> _Task objective_
An exact copy of the data is required, with no pictures in it.
:: Given data
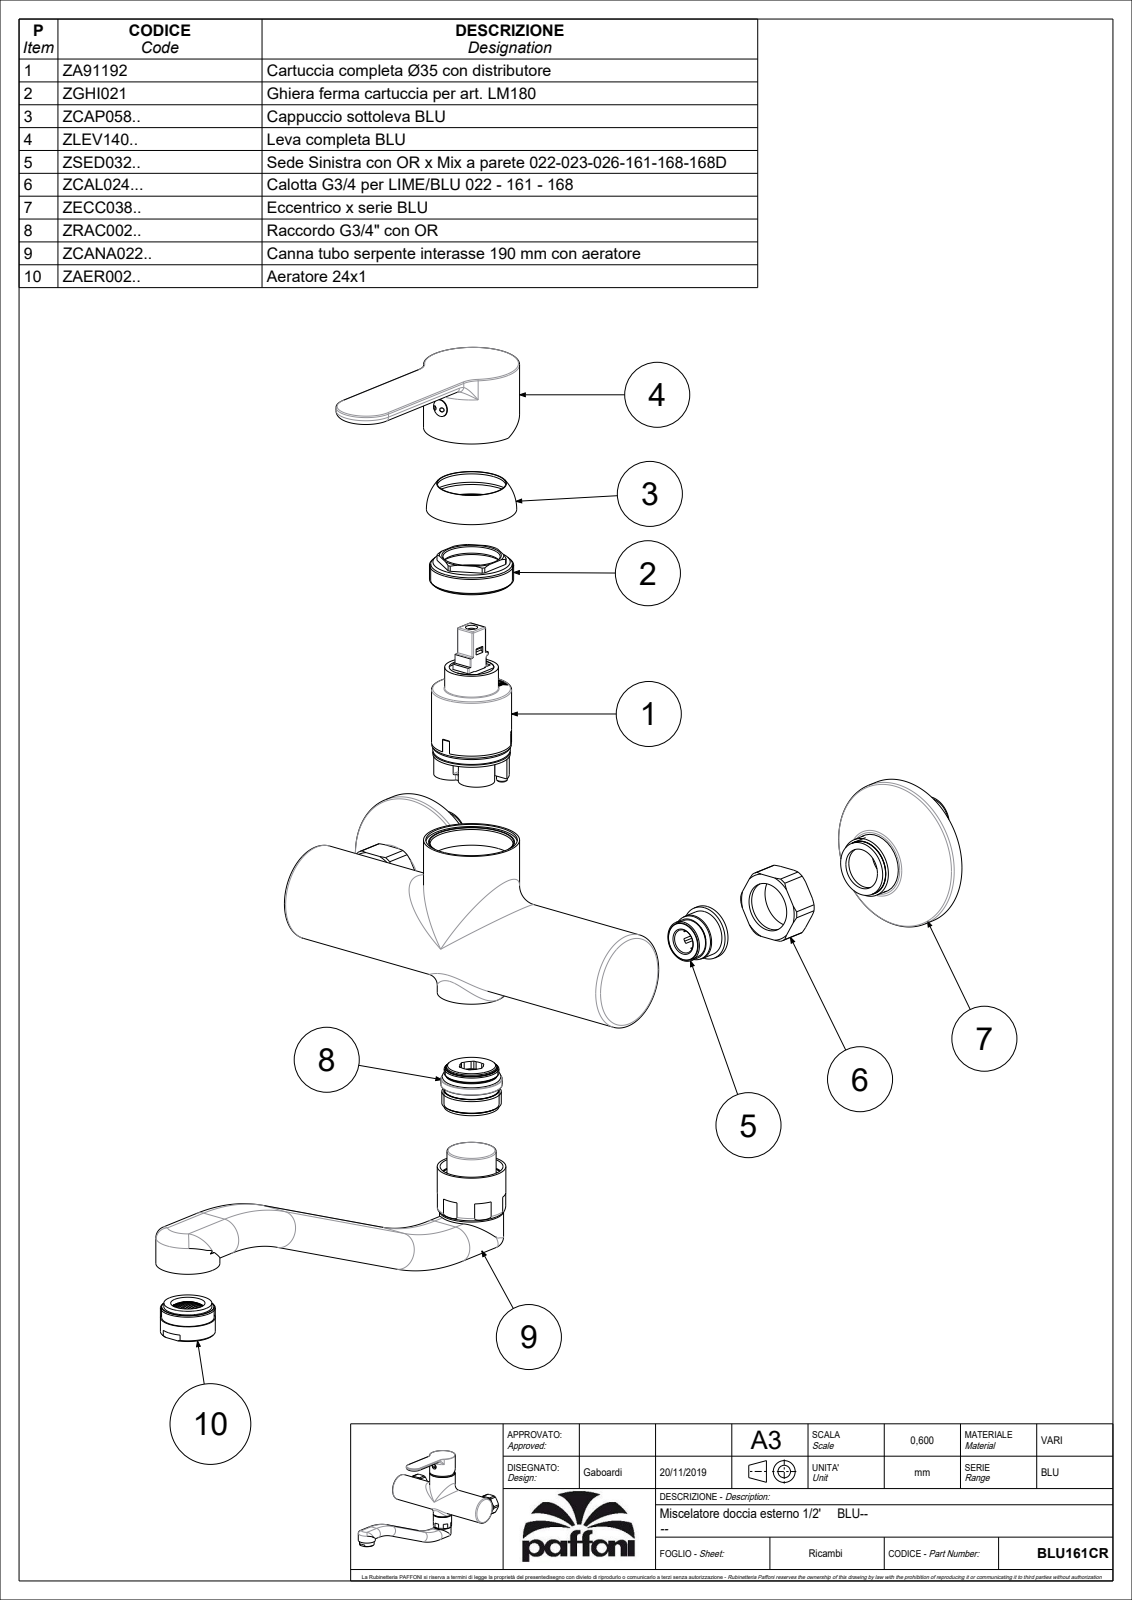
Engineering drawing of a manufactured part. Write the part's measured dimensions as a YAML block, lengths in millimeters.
part_name: "BLU161CR"
step_written_by: "CREO PARAMETRIC BY PTC INC, 2020044 (CONFIG_CONTROL_DESIGN)"
units: millimeters
bodies: {solids: 6, faces: 2710, planar: 1927, cylindrical: 446, other: 337}
overall_size: [263.2, 215.5, 141.8]
volume: 166124
surface_area: 170064
round_holes:
  - {diameter: 12, count: 5}
  - {diameter: 9, count: 3}
  - {diameter: 17, count: 3}
  - {diameter: 3.3, count: 2}
  - {diameter: 7, count: 2}
  - {diameter: 8, count: 2}
  - {diameter: 16, count: 2}
  - {diameter: 16.3, count: 2}
  - {diameter: 18, count: 2}
  - {diameter: 21.5, count: 2}
  - {diameter: 24.1, count: 2}
  - {diameter: 38, count: 2}
round_bosses_or_shafts:
  - {diameter: 24, count: 3}
  - {diameter: 65.5, count: 2}
  - {diameter: 42, count: 2}
  - {diameter: 28.32, count: 2}
  - {diameter: 28, count: 2}
  - {diameter: 25, count: 2}
  - {diameter: 23.8, count: 2}
  - {diameter: 20.8, count: 2}
partial_cylinders:
  - {radius: 0.5, count: 64}
  - {radius: 0.3, count: 20}
  - {radius: 1, count: 13}
  - {radius: 1.2, count: 9}
  - {radius: 7.2, count: 6}
  - {radius: 8, count: 6}
  - {radius: 5.25, count: 3}
  - {radius: 7.25, count: 3}
face_to_face_distances: [2, 69, 109, 0.8, 178, 15.2, 20, 111, 67, 16]
hole_center_spacings: [0.71, 8.51, 8.6, 13.04, 13.21, 13.51, 97.31, 187.61]
::::
> _Output for this exercise_
Engineering drawing of a manufactured part. Write the part's measured dimensions as a YAML block, lengths in millimeters.
part_name: "BLU161CR"
step_written_by: "CREO PARAMETRIC BY PTC INC, 2020044 (CONFIG_CONTROL_DESIGN)"
units: millimeters
bodies: {solids: 6, faces: 2710, planar: 1927, cylindrical: 446, other: 337}
overall_size: [263.2, 215.5, 141.8]
volume: 166124
surface_area: 170064
round_holes:
  - {diameter: 12, count: 5}
  - {diameter: 9, count: 3}
  - {diameter: 17, count: 3}
  - {diameter: 3.3, count: 2}
  - {diameter: 7, count: 2}
  - {diameter: 8, count: 2}
  - {diameter: 16, count: 2}
  - {diameter: 16.3, count: 2}
  - {diameter: 18, count: 2}
  - {diameter: 21.5, count: 2}
  - {diameter: 24.1, count: 2}
  - {diameter: 38, count: 2}
round_bosses_or_shafts:
  - {diameter: 24, count: 3}
  - {diameter: 65.5, count: 2}
  - {diameter: 42, count: 2}
  - {diameter: 28.32, count: 2}
  - {diameter: 28, count: 2}
  - {diameter: 25, count: 2}
  - {diameter: 23.8, count: 2}
  - {diameter: 20.8, count: 2}
partial_cylinders:
  - {radius: 0.5, count: 64}
  - {radius: 0.3, count: 20}
  - {radius: 1, count: 13}
  - {radius: 1.2, count: 9}
  - {radius: 7.2, count: 6}
  - {radius: 8, count: 6}
  - {radius: 5.25, count: 3}
  - {radius: 7.25, count: 3}
face_to_face_distances: [2, 69, 109, 0.8, 178, 15.2, 20, 111, 67, 16]
hole_center_spacings: [0.71, 8.51, 8.6, 13.04, 13.21, 13.51, 97.31, 187.61]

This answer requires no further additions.